#### Your goal:
Go through the material below and return each line with the string "import" in it.
* * * * * * *
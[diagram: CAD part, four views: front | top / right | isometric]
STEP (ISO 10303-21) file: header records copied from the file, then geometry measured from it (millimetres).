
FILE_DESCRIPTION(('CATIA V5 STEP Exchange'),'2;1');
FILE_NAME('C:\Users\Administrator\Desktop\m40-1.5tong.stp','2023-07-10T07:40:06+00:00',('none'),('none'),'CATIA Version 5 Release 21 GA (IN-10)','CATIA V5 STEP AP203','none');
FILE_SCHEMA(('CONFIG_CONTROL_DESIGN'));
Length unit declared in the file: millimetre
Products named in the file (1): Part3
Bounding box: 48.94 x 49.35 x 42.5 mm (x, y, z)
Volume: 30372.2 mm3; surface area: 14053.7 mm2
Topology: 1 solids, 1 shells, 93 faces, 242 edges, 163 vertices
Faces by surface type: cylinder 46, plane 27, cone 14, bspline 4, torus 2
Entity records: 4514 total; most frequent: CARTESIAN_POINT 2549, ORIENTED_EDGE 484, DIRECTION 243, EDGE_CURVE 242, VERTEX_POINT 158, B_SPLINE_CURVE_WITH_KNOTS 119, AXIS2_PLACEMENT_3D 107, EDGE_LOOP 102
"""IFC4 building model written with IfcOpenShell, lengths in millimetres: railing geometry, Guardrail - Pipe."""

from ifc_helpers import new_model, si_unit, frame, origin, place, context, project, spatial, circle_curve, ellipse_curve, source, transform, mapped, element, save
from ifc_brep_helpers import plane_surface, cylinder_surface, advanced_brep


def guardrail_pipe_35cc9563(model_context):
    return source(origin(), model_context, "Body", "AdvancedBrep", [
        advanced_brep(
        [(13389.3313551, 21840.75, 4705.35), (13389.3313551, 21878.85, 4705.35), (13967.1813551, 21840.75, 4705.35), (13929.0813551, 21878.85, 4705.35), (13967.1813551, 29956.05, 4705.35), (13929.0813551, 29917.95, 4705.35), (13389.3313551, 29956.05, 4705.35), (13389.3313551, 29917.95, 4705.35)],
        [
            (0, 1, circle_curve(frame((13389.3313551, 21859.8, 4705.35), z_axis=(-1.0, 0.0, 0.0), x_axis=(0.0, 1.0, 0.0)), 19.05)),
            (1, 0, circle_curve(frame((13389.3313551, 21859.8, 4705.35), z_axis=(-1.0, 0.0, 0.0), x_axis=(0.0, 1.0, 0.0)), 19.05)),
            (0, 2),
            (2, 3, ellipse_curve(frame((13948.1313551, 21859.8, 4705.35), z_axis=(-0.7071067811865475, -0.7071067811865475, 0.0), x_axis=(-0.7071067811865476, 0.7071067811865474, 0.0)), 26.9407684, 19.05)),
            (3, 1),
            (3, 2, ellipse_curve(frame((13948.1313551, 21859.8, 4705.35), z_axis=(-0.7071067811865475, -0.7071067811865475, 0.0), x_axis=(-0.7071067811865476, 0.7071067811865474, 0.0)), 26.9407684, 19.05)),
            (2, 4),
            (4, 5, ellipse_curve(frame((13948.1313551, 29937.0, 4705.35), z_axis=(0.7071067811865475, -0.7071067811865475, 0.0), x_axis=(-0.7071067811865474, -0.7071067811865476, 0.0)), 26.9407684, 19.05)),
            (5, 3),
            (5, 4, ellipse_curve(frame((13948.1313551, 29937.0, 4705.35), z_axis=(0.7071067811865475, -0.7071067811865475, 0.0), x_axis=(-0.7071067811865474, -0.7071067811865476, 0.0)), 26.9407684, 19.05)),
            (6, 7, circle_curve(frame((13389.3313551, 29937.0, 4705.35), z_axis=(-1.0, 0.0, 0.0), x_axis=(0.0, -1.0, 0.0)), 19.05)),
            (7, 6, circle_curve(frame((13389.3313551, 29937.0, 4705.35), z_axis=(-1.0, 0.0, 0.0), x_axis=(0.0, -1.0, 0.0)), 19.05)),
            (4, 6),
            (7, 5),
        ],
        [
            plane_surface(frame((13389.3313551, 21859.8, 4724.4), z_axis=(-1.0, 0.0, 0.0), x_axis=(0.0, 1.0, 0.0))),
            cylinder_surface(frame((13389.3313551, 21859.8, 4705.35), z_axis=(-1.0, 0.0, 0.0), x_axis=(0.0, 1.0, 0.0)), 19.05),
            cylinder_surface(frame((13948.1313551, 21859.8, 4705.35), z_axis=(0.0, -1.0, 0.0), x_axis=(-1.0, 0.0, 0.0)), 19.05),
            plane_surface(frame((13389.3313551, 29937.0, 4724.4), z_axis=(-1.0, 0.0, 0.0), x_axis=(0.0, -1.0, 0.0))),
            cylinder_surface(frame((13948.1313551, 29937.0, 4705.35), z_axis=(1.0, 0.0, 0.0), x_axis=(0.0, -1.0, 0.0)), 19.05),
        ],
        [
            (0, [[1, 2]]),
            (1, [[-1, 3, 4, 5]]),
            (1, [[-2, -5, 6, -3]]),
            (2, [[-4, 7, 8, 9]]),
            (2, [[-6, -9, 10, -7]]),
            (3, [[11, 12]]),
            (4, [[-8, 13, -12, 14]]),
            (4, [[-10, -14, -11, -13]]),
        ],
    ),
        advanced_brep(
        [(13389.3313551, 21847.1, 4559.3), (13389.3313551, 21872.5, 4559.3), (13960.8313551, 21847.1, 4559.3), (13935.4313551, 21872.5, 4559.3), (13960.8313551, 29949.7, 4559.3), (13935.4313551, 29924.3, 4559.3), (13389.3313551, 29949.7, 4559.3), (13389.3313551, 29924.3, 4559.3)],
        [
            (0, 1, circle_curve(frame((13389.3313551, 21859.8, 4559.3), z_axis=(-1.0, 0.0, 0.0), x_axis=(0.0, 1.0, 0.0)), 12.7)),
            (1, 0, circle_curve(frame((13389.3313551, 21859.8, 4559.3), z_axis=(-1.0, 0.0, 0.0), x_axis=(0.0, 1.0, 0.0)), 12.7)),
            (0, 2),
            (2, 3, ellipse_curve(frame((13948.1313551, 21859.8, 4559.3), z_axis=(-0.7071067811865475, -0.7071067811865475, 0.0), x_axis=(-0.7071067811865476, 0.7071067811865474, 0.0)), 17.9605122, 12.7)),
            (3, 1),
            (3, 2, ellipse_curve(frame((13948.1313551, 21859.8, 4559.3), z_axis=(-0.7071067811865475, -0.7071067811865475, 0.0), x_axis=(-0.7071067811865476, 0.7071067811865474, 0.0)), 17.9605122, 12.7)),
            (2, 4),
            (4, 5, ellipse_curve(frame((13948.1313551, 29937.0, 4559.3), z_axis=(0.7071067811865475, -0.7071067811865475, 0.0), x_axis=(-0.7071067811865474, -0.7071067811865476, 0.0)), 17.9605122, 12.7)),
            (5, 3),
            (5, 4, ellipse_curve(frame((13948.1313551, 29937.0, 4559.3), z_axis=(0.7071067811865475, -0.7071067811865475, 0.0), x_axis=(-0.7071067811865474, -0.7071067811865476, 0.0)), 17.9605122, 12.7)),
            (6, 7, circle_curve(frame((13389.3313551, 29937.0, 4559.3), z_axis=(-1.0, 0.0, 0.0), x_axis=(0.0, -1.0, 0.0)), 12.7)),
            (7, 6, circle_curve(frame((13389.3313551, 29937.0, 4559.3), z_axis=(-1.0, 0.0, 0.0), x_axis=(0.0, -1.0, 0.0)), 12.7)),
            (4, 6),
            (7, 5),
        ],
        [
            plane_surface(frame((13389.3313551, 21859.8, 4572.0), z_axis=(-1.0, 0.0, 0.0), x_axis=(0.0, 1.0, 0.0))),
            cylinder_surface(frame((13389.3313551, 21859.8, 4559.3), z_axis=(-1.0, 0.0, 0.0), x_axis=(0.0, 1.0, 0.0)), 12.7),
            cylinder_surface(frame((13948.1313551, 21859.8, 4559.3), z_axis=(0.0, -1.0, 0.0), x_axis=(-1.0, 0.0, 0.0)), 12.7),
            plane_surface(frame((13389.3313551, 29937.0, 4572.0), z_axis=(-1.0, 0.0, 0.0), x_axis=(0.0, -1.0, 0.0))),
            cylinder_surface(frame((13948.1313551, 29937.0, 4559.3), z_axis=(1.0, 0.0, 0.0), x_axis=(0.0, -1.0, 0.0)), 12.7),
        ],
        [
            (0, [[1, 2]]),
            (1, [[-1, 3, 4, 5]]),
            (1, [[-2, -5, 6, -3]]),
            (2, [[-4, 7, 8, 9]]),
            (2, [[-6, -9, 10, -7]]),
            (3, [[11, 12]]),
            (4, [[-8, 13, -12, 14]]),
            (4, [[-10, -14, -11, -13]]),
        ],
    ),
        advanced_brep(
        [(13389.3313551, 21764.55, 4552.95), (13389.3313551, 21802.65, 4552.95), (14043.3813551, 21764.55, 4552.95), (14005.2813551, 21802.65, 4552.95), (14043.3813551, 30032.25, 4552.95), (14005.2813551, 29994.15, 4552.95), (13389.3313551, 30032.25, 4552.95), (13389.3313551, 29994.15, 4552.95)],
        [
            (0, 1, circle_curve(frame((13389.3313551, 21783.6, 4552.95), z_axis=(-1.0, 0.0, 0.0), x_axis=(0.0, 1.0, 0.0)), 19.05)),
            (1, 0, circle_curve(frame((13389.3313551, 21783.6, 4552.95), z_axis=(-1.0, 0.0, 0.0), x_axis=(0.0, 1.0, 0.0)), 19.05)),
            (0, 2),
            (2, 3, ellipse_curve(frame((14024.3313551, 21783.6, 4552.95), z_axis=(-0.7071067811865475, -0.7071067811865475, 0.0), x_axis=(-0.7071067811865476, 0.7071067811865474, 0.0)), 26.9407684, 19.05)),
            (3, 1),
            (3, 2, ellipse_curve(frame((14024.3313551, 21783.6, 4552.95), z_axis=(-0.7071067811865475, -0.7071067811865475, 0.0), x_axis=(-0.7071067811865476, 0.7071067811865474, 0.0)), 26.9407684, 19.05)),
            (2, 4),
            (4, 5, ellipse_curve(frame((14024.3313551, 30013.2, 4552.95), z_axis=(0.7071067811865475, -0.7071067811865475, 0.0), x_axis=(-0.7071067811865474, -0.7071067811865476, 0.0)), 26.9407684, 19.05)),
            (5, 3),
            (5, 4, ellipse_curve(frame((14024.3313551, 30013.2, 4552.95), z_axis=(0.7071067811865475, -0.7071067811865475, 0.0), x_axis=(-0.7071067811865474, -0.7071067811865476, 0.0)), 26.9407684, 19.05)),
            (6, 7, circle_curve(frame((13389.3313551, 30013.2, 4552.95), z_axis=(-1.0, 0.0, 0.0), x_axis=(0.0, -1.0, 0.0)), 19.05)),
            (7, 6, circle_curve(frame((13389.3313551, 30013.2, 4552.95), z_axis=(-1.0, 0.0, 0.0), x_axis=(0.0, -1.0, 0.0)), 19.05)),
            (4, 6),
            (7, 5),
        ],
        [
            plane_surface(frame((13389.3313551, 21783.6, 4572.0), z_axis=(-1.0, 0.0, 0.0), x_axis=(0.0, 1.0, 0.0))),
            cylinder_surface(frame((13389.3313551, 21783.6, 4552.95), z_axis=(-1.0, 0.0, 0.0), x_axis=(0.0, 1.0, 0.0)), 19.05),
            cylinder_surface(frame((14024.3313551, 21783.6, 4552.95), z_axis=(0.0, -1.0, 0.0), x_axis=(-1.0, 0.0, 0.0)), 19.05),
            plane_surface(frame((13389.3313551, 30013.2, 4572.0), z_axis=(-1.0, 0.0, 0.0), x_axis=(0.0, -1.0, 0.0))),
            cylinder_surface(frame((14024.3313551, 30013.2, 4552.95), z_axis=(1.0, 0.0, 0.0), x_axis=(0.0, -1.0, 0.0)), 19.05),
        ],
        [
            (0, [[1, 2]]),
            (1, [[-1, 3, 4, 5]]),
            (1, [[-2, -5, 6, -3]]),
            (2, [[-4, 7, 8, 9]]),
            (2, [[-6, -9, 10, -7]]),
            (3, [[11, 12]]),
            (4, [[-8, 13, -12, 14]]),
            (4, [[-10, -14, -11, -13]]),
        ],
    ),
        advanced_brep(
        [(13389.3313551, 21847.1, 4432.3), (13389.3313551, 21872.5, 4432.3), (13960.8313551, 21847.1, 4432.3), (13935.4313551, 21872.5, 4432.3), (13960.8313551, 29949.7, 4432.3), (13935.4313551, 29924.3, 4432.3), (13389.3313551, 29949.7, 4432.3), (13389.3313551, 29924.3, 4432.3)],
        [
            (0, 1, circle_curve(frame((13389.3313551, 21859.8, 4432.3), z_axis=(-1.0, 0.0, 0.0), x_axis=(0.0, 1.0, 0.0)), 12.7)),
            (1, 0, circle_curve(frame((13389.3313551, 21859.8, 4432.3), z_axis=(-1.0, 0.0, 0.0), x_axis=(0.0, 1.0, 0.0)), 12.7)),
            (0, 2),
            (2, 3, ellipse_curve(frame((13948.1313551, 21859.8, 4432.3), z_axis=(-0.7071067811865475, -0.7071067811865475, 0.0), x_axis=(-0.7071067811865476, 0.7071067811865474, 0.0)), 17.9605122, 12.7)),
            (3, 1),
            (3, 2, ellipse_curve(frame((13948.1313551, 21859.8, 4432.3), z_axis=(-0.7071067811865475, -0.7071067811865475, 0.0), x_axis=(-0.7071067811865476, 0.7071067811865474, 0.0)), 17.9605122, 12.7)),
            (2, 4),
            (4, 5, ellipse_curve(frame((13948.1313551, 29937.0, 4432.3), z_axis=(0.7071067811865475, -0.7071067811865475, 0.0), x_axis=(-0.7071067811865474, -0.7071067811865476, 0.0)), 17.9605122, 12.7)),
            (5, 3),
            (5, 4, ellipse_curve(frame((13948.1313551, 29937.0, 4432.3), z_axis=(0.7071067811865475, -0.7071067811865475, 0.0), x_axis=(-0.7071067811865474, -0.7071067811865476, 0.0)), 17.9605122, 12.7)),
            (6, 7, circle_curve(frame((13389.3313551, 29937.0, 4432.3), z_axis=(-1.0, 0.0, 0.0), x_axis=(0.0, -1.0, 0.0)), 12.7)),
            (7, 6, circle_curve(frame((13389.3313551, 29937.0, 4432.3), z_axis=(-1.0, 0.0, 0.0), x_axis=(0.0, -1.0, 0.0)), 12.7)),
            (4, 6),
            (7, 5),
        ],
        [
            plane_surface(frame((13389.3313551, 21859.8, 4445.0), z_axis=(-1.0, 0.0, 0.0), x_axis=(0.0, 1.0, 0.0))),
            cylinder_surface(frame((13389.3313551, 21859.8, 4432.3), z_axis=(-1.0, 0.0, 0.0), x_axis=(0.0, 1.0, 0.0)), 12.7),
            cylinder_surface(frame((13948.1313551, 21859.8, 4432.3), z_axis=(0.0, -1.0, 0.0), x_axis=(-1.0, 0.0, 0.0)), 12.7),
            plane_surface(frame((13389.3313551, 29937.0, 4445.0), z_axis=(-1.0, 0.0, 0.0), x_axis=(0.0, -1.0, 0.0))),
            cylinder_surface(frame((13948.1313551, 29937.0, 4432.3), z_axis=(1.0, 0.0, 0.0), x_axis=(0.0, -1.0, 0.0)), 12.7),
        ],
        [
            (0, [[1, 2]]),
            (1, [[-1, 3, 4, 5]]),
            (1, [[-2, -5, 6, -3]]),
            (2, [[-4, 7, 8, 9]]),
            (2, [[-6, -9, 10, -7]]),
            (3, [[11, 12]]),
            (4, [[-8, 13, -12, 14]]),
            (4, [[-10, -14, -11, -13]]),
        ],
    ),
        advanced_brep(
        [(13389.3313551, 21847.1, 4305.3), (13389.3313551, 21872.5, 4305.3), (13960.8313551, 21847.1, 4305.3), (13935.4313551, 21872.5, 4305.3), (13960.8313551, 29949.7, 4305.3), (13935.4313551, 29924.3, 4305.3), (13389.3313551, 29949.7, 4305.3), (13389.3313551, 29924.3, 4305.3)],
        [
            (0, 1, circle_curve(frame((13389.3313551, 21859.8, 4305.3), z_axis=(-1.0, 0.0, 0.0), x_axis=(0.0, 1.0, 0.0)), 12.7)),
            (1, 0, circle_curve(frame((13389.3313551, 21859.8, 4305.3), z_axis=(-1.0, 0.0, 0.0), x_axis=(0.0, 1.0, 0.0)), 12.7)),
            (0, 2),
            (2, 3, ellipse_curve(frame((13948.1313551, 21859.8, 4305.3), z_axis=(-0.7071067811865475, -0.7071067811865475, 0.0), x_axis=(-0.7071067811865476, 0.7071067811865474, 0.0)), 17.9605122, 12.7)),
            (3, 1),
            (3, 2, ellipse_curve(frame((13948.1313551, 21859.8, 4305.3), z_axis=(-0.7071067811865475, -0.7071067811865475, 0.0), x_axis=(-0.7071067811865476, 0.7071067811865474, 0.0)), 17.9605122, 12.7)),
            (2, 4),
* * * * * * *
#### Task answer:
from ifc_helpers import new_model, si_unit, frame, origin, place, context, project, spatial, circle_curve, ellipse_curve, source, transform, mapped, element, save
from ifc_brep_helpers import plane_surface, cylinder_surface, advanced_brep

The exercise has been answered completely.